**Your task:** Leave the pictures out and restate every line below exactly.
*** Records shown Section Begins ***
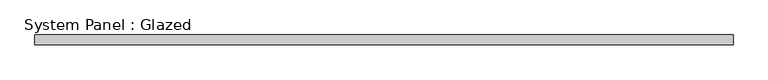
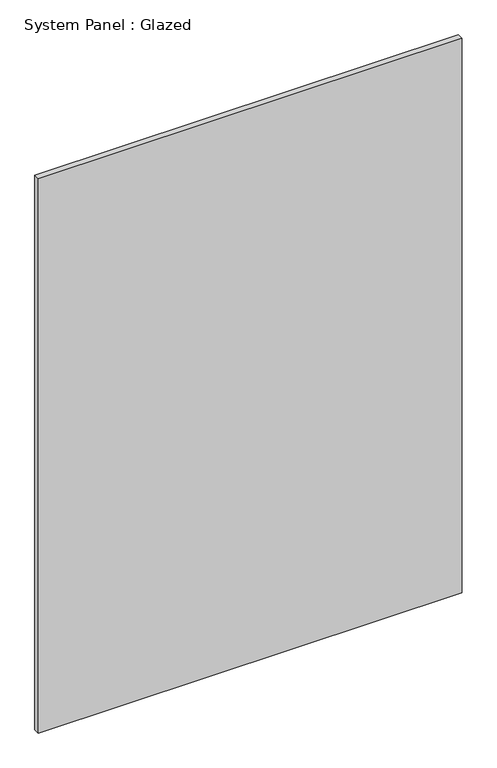
"""IFC4 building model written with IfcOpenShell, lengths in millimetres: plate geometry, System Panel : Glazed."""

from ifc_helpers import new_model, si_unit, origin, origin_with_axes, place, context, project, spatial, polyline, outline, extrude, source, transform, mapped, element, save


def system_panel_glazed_d09d15a5(model_context):
    return source(origin(), model_context, "Body", "SweptSolid", [
        extrude(outline(polyline([(877.5, -49.5), (-877.5, -49.5), (-877.5, -24.5), (877.5, -24.5), (877.5, -49.5)])), origin_with_axes(), (0.0, 0.0, 1.0), 2425.0),
    ])


if __name__ == "__main__":
    model = new_model("IFC4")
    model_context = context("Model", 3, world=origin())
    ifc_project = project(units=[si_unit("LENGTHUNIT", "METRE", prefix="MILLI")], contexts=[model_context])
    site = spatial("IfcSite", under=ifc_project)
    building = spatial("IfcBuilding", under=site)
    placement = place(None, origin())
    system_panel_glazed_shape = system_panel_glazed_d09d15a5(model_context)
    element("IfcPlate", 1, ObjectType="System Panel : Glazed", at=placement, inside=building, context=model_context, shape_type="MappedRepresentation", body=[
        mapped(system_panel_glazed_shape, transform((0.0, 0.0, 0.0), x_axis=(1.0, 0.0, 0.0), y_axis=(0.0, 1.0, 0.0), z_axis=(0.0, 0.0, 1.0))),
    ])
    save(model, "model.ifc")

# Revit data of these elements
# Type "System Panel : Glazed"
#   Keynote = "H11"
#   Construction Type Id = "GSP4R"
#   Analytic Construction = "1/8 in Pilkington single glazing"
#   Visual Light Transmittance = 0.9
#   Solar Heat Gain Coefficient = 0.86
#   Heat Transfer Coefficient (U) = 6.7069 W/(m²·K)
# Element 1 (IfcPlate, "System Panel : Glazed")
#   Materials on its faces: "Glass"
# Materials
#   "Glass": class "Glass", colour RGB 0 128 192, transparency 0.9, Description = "Soda Lime Glass", Cost = 0
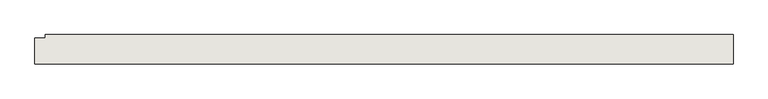
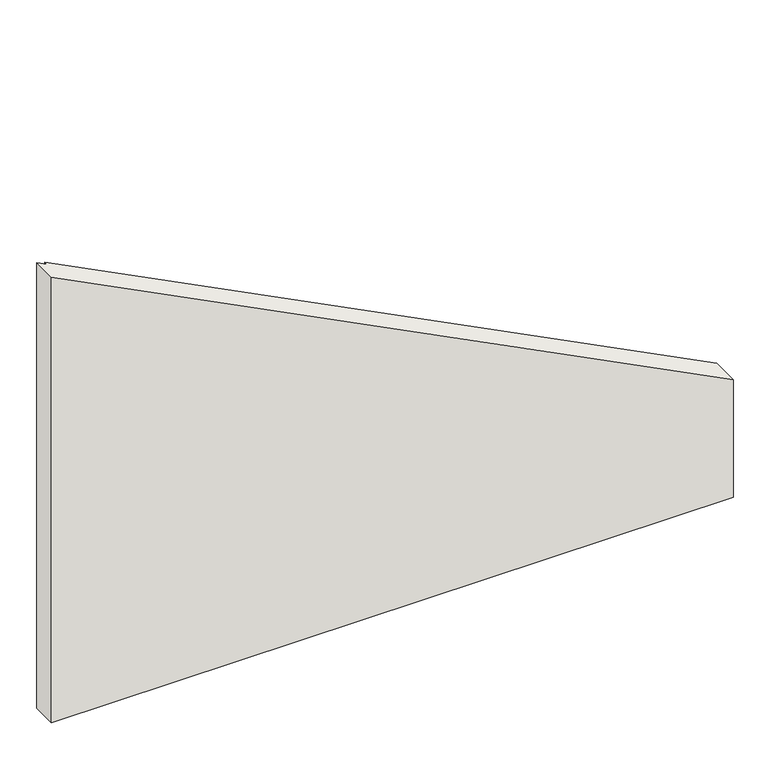
"""IFC4 building model written with IfcOpenShell, lengths in millimetres: wall geometry, Holzwand."""

from ifc_helpers import new_model, si_unit, origin, place, context, project, spatial, faceted_brep, source, transform, mapped, element, save


def wall_e5cfdf7a(model_context):
    return source(origin(), model_context, "Body", "Brep", [
        faceted_brep([(0.0, 176.0, 3283.5797924), (0.0, 0.0, 3283.5797924), (4750.0, 0.0, 863.3339073), (4750.0, 200.0, 863.3339073), (70.0, 200.0, 3247.913011), (70.0, 176.0, 3247.913011), (4750.0, 200.0, 0.0), (70.0, 200.0, 0.0), (4750.0, 0.0, 0.0), (0.0, 0.0, 0.0), (0.0, 176.0, 0.0), (70.0, 176.0, 0.0)], [[[0, 1, 2, 3, 4, 5]], [[4, 3, 6, 7]], [[3, 2, 8, 6]], [[2, 1, 9, 8]], [[10, 9, 1, 0]], [[0, 5, 11, 10]], [[5, 4, 7, 11]], [[8, 9, 10, 11, 7, 6]]]),
    ])


if __name__ == "__main__":
    model = new_model("IFC4")
    model_context = context("Model", 3, world=origin())
    ifc_project = project(units=[si_unit("LENGTHUNIT", "METRE", prefix="MILLI")], contexts=[model_context])
    site = spatial("IfcSite", under=ifc_project)
    building = spatial("IfcBuilding", under=site)
    placement = place(None, origin())
    wall_shape = wall_e5cfdf7a(model_context)
    element("IfcWall", 1, ObjectType="Holzwand", at=placement, inside=building, context=model_context, shape_type="MappedRepresentation", body=[
        mapped(wall_shape, transform((0.0, 0.0, 0.0), x_axis=(1.0, 0.0, 0.0), y_axis=(0.0, 1.0, 0.0), z_axis=(0.0, 0.0, 1.0))),
    ])
    save(model, "model.ifc")

# Revit data of these elements
# Element 1 (IfcWall, "Holzwand")
#   Materials on its faces: "holzschalung"
# Materials
#   "holzschalung": class "Unassigned", colour RGB 128 128 128, transparency 0
*** Records shown Section Ends ***
**Solution for this exercise:**
"""IFC4 building model written with IfcOpenShell, lengths in millimetres: plate geometry, System Panel : Glazed."""

from ifc_helpers import new_model, si_unit, origin, origin_with_axes, place, context, project, spatial, polyline, outline, extrude, source, transform, mapped, element, save


def system_panel_glazed_d09d15a5(model_context):
    return source(origin(), model_context, "Body", "SweptSolid", [
        extrude(outline(polyline([(877.5, -49.5), (-877.5, -49.5), (-877.5, -24.5), (877.5, -24.5), (877.5, -49.5)])), origin_with_axes(), (0.0, 0.0, 1.0), 2425.0),
    ])


if __name__ == "__main__":
    model = new_model("IFC4")
    model_context = context("Model", 3, world=origin())
    ifc_project = project(units=[si_unit("LENGTHUNIT", "METRE", prefix="MILLI")], contexts=[model_context])
    site = spatial("IfcSite", under=ifc_project)
    building = spatial("IfcBuilding", under=site)
    placement = place(None, origin())
    system_panel_glazed_shape = system_panel_glazed_d09d15a5(model_context)
    element("IfcPlate", 1, ObjectType="System Panel : Glazed", at=placement, inside=building, context=model_context, shape_type="MappedRepresentation", body=[
        mapped(system_panel_glazed_shape, transform((0.0, 0.0, 0.0), x_axis=(1.0, 0.0, 0.0), y_axis=(0.0, 1.0, 0.0), z_axis=(0.0, 0.0, 1.0))),
    ])
    save(model, "model.ifc")

# Revit data of these elements
# Type "System Panel : Glazed"
#   Keynote = "H11"
#   Construction Type Id = "GSP4R"
#   Analytic Construction = "1/8 in Pilkington single glazing"
#   Visual Light Transmittance = 0.9
#   Solar Heat Gain Coefficient = 0.86
#   Heat Transfer Coefficient (U) = 6.7069 W/(m²·K)
# Element 1 (IfcPlate, "System Panel : Glazed")
#   Materials on its faces: "Glass"
# Materials
#   "Glass": class "Glass", colour RGB 0 128 192, transparency 0.9, Description = "Soda Lime Glass", Cost = 0
"""IFC4 building model written with IfcOpenShell, lengths in millimetres: wall geometry, Holzwand."""

from ifc_helpers import new_model, si_unit, origin, place, context, project, spatial, faceted_brep, source, transform, mapped, element, save


def wall_e5cfdf7a(model_context):
    return source(origin(), model_context, "Body", "Brep", [
        faceted_brep([(0.0, 176.0, 3283.5797924), (0.0, 0.0, 3283.5797924), (4750.0, 0.0, 863.3339073), (4750.0, 200.0, 863.3339073), (70.0, 200.0, 3247.913011), (70.0, 176.0, 3247.913011), (4750.0, 200.0, 0.0), (70.0, 200.0, 0.0), (4750.0, 0.0, 0.0), (0.0, 0.0, 0.0), (0.0, 176.0, 0.0), (70.0, 176.0, 0.0)], [[[0, 1, 2, 3, 4, 5]], [[4, 3, 6, 7]], [[3, 2, 8, 6]], [[2, 1, 9, 8]], [[10, 9, 1, 0]], [[0, 5, 11, 10]], [[5, 4, 7, 11]], [[8, 9, 10, 11, 7, 6]]]),
    ])


if __name__ == "__main__":
    model = new_model("IFC4")
    model_context = context("Model", 3, world=origin())
    ifc_project = project(units=[si_unit("LENGTHUNIT", "METRE", prefix="MILLI")], contexts=[model_context])
    site = spatial("IfcSite", under=ifc_project)
    building = spatial("IfcBuilding", under=site)
    placement = place(None, origin())
    wall_shape = wall_e5cfdf7a(model_context)
    element("IfcWall", 1, ObjectType="Holzwand", at=placement, inside=building, context=model_context, shape_type="MappedRepresentation", body=[
        mapped(wall_shape, transform((0.0, 0.0, 0.0), x_axis=(1.0, 0.0, 0.0), y_axis=(0.0, 1.0, 0.0), z_axis=(0.0, 0.0, 1.0))),
    ])
    save(model, "model.ifc")

# Revit data of these elements
# Element 1 (IfcWall, "Holzwand")
#   Materials on its faces: "holzschalung"
# Materials
#   "holzschalung": class "Unassigned", colour RGB 128 128 128, transparency 0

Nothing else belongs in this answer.